- [Provided data]:
--- --- ---
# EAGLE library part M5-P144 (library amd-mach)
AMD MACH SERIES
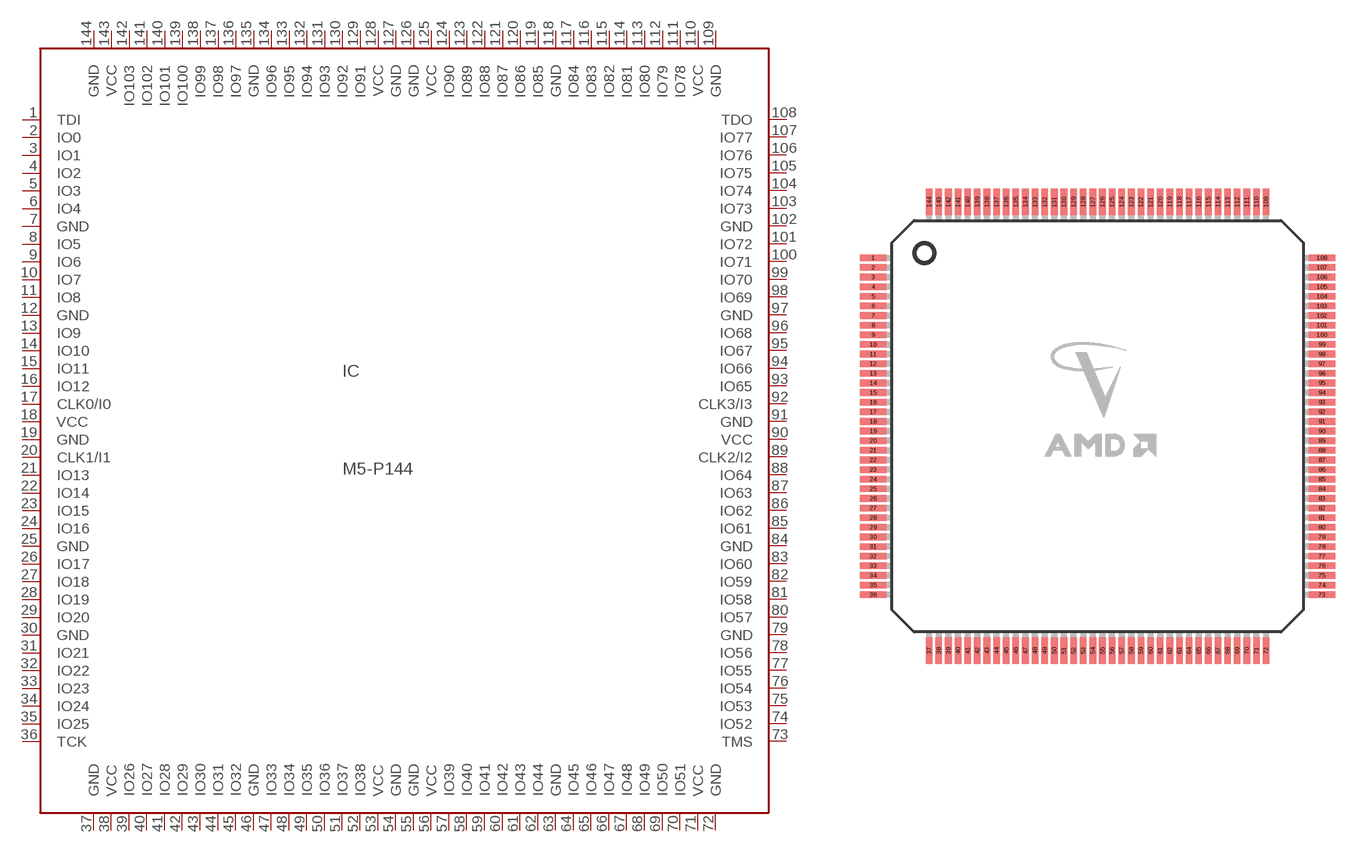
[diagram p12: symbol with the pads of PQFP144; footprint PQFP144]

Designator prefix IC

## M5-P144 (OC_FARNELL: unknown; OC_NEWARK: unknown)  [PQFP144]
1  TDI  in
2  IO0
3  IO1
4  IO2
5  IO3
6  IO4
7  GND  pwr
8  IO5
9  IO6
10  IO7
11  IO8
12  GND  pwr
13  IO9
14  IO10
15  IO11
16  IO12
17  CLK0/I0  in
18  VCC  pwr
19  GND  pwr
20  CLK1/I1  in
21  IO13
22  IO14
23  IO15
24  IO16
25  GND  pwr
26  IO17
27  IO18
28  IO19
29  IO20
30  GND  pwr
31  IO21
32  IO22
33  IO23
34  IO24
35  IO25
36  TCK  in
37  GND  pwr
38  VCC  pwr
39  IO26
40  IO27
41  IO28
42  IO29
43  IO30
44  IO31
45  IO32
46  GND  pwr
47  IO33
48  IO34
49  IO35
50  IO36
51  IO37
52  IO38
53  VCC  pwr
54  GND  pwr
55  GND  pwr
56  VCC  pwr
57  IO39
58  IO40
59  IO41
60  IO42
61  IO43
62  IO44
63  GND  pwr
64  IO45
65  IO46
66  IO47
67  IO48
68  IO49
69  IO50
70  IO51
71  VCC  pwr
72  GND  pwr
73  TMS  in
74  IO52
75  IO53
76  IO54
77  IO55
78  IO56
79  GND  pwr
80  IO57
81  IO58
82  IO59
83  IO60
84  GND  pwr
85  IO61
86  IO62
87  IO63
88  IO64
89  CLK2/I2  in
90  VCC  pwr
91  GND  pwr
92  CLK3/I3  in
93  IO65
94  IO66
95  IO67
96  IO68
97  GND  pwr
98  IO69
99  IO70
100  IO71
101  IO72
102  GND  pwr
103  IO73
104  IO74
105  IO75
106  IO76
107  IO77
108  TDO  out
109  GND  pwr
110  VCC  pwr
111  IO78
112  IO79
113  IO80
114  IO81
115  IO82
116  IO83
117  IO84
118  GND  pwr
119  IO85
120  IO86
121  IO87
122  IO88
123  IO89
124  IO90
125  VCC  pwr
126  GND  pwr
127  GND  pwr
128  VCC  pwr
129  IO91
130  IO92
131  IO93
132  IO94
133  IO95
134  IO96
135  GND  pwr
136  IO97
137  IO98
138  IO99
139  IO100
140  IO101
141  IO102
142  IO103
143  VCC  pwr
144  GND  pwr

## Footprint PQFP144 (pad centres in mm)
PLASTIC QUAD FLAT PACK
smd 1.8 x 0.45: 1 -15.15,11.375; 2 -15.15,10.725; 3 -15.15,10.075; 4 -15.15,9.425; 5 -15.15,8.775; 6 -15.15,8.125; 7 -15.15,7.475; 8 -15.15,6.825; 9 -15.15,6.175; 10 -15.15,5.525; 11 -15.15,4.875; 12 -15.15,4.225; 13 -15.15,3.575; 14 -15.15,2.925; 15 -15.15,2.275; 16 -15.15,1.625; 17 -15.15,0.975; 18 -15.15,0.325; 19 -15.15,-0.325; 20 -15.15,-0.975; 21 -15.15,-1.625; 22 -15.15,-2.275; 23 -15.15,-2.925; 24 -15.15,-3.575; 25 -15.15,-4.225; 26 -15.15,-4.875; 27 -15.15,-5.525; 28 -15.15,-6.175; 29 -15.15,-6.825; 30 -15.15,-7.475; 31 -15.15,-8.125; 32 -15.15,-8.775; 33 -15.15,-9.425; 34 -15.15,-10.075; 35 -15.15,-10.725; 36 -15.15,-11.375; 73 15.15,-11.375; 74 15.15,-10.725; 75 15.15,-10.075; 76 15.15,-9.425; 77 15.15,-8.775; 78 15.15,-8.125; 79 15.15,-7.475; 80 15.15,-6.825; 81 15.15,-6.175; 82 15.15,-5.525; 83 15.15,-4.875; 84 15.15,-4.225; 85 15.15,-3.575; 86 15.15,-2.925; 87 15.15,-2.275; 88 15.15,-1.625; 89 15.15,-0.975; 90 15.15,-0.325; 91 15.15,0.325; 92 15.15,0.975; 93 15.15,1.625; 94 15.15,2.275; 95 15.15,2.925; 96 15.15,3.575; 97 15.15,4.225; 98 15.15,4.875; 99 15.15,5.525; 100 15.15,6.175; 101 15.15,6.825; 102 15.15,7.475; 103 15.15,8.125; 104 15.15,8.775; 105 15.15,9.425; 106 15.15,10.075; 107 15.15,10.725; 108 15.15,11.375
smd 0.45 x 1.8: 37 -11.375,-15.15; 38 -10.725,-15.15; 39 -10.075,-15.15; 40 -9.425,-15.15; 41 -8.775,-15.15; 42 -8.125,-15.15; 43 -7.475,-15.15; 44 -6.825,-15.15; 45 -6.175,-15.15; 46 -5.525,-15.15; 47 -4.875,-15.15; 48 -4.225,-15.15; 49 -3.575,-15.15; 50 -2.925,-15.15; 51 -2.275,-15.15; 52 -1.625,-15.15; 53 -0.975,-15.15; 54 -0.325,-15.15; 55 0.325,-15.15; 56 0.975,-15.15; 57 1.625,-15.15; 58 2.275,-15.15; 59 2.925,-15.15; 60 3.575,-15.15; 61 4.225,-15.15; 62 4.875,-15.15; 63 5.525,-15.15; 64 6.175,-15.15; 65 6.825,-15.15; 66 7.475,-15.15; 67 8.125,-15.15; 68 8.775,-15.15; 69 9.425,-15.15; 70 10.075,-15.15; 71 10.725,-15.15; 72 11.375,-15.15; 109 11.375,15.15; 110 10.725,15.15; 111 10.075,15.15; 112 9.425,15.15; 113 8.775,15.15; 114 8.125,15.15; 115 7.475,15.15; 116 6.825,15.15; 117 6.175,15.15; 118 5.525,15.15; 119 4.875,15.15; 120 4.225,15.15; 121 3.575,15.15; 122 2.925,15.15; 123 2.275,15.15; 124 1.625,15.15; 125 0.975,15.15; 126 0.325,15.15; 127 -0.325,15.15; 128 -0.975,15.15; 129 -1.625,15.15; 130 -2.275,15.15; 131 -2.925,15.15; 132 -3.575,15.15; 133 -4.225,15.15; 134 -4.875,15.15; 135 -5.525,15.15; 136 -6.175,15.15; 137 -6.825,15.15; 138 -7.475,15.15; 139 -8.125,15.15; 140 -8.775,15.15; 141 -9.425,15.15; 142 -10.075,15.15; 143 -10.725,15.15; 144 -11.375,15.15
--- --- ---
- [Activity]: Copy the whole of the material above exactly, and exclude every picture.

- [Answer to this exercise]:
# EAGLE library part M5-P144 (library amd-mach)
AMD MACH SERIES
[diagram p12: symbol with the pads of PQFP144; footprint PQFP144]

Designator prefix IC

## M5-P144 (OC_FARNELL: unknown; OC_NEWARK: unknown)  [PQFP144]
1  TDI  in
2  IO0
3  IO1
4  IO2
5  IO3
6  IO4
7  GND  pwr
8  IO5
9  IO6
10  IO7
11  IO8
12  GND  pwr
13  IO9
14  IO10
15  IO11
16  IO12
17  CLK0/I0  in
18  VCC  pwr
19  GND  pwr
20  CLK1/I1  in
21  IO13
22  IO14
23  IO15
24  IO16
25  GND  pwr
26  IO17
27  IO18
28  IO19
29  IO20
30  GND  pwr
31  IO21
32  IO22
33  IO23
34  IO24
35  IO25
36  TCK  in
37  GND  pwr
38  VCC  pwr
39  IO26
40  IO27
41  IO28
42  IO29
43  IO30
44  IO31
45  IO32
46  GND  pwr
47  IO33
48  IO34
49  IO35
50  IO36
51  IO37
52  IO38
53  VCC  pwr
54  GND  pwr
55  GND  pwr
56  VCC  pwr
57  IO39
58  IO40
59  IO41
60  IO42
61  IO43
62  IO44
63  GND  pwr
64  IO45
65  IO46
66  IO47
67  IO48
68  IO49
69  IO50
70  IO51
71  VCC  pwr
72  GND  pwr
73  TMS  in
74  IO52
75  IO53
76  IO54
77  IO55
78  IO56
79  GND  pwr
80  IO57
81  IO58
82  IO59
83  IO60
84  GND  pwr
85  IO61
86  IO62
87  IO63
88  IO64
89  CLK2/I2  in
90  VCC  pwr
91  GND  pwr
92  CLK3/I3  in
93  IO65
94  IO66
95  IO67
96  IO68
97  GND  pwr
98  IO69
99  IO70
100  IO71
101  IO72
102  GND  pwr
103  IO73
104  IO74
105  IO75
106  IO76
107  IO77
108  TDO  out
109  GND  pwr
110  VCC  pwr
111  IO78
112  IO79
113  IO80
114  IO81
115  IO82
116  IO83
117  IO84
118  GND  pwr
119  IO85
120  IO86
121  IO87
122  IO88
123  IO89
124  IO90
125  VCC  pwr
126  GND  pwr
127  GND  pwr
128  VCC  pwr
129  IO91
130  IO92
131  IO93
132  IO94
133  IO95
134  IO96
135  GND  pwr
136  IO97
137  IO98
138  IO99
139  IO100
140  IO101
141  IO102
142  IO103
143  VCC  pwr
144  GND  pwr

## Footprint PQFP144 (pad centres in mm)
PLASTIC QUAD FLAT PACK
smd 1.8 x 0.45: 1 -15.15,11.375; 2 -15.15,10.725; 3 -15.15,10.075; 4 -15.15,9.425; 5 -15.15,8.775; 6 -15.15,8.125; 7 -15.15,7.475; 8 -15.15,6.825; 9 -15.15,6.175; 10 -15.15,5.525; 11 -15.15,4.875; 12 -15.15,4.225; 13 -15.15,3.575; 14 -15.15,2.925; 15 -15.15,2.275; 16 -15.15,1.625; 17 -15.15,0.975; 18 -15.15,0.325; 19 -15.15,-0.325; 20 -15.15,-0.975; 21 -15.15,-1.625; 22 -15.15,-2.275; 23 -15.15,-2.925; 24 -15.15,-3.575; 25 -15.15,-4.225; 26 -15.15,-4.875; 27 -15.15,-5.525; 28 -15.15,-6.175; 29 -15.15,-6.825; 30 -15.15,-7.475; 31 -15.15,-8.125; 32 -15.15,-8.775; 33 -15.15,-9.425; 34 -15.15,-10.075; 35 -15.15,-10.725; 36 -15.15,-11.375; 73 15.15,-11.375; 74 15.15,-10.725; 75 15.15,-10.075; 76 15.15,-9.425; 77 15.15,-8.775; 78 15.15,-8.125; 79 15.15,-7.475; 80 15.15,-6.825; 81 15.15,-6.175; 82 15.15,-5.525; 83 15.15,-4.875; 84 15.15,-4.225; 85 15.15,-3.575; 86 15.15,-2.925; 87 15.15,-2.275; 88 15.15,-1.625; 89 15.15,-0.975; 90 15.15,-0.325; 91 15.15,0.325; 92 15.15,0.975; 93 15.15,1.625; 94 15.15,2.275; 95 15.15,2.925; 96 15.15,3.575; 97 15.15,4.225; 98 15.15,4.875; 99 15.15,5.525; 100 15.15,6.175; 101 15.15,6.825; 102 15.15,7.475; 103 15.15,8.125; 104 15.15,8.775; 105 15.15,9.425; 106 15.15,10.075; 107 15.15,10.725; 108 15.15,11.375
smd 0.45 x 1.8: 37 -11.375,-15.15; 38 -10.725,-15.15; 39 -10.075,-15.15; 40 -9.425,-15.15; 41 -8.775,-15.15; 42 -8.125,-15.15; 43 -7.475,-15.15; 44 -6.825,-15.15; 45 -6.175,-15.15; 46 -5.525,-15.15; 47 -4.875,-15.15; 48 -4.225,-15.15; 49 -3.575,-15.15; 50 -2.925,-15.15; 51 -2.275,-15.15; 52 -1.625,-15.15; 53 -0.975,-15.15; 54 -0.325,-15.15; 55 0.325,-15.15; 56 0.975,-15.15; 57 1.625,-15.15; 58 2.275,-15.15; 59 2.925,-15.15; 60 3.575,-15.15; 61 4.225,-15.15; 62 4.875,-15.15; 63 5.525,-15.15; 64 6.175,-15.15; 65 6.825,-15.15; 66 7.475,-15.15; 67 8.125,-15.15; 68 8.775,-15.15; 69 9.425,-15.15; 70 10.075,-15.15; 71 10.725,-15.15; 72 11.375,-15.15; 109 11.375,15.15; 110 10.725,15.15; 111 10.075,15.15; 112 9.425,15.15; 113 8.775,15.15; 114 8.125,15.15; 115 7.475,15.15; 116 6.825,15.15; 117 6.175,15.15; 118 5.525,15.15; 119 4.875,15.15; 120 4.225,15.15; 121 3.575,15.15; 122 2.925,15.15; 123 2.275,15.15; 124 1.625,15.15; 125 0.975,15.15; 126 0.325,15.15; 127 -0.325,15.15; 128 -0.975,15.15; 129 -1.625,15.15; 130 -2.275,15.15; 131 -2.925,15.15; 132 -3.575,15.15; 133 -4.225,15.15; 134 -4.875,15.15; 135 -5.525,15.15; 136 -6.175,15.15; 137 -6.825,15.15; 138 -7.475,15.15; 139 -8.125,15.15; 140 -8.775,15.15; 141 -9.425,15.15; 142 -10.075,15.15; 143 -10.725,15.15; 144 -11.375,15.15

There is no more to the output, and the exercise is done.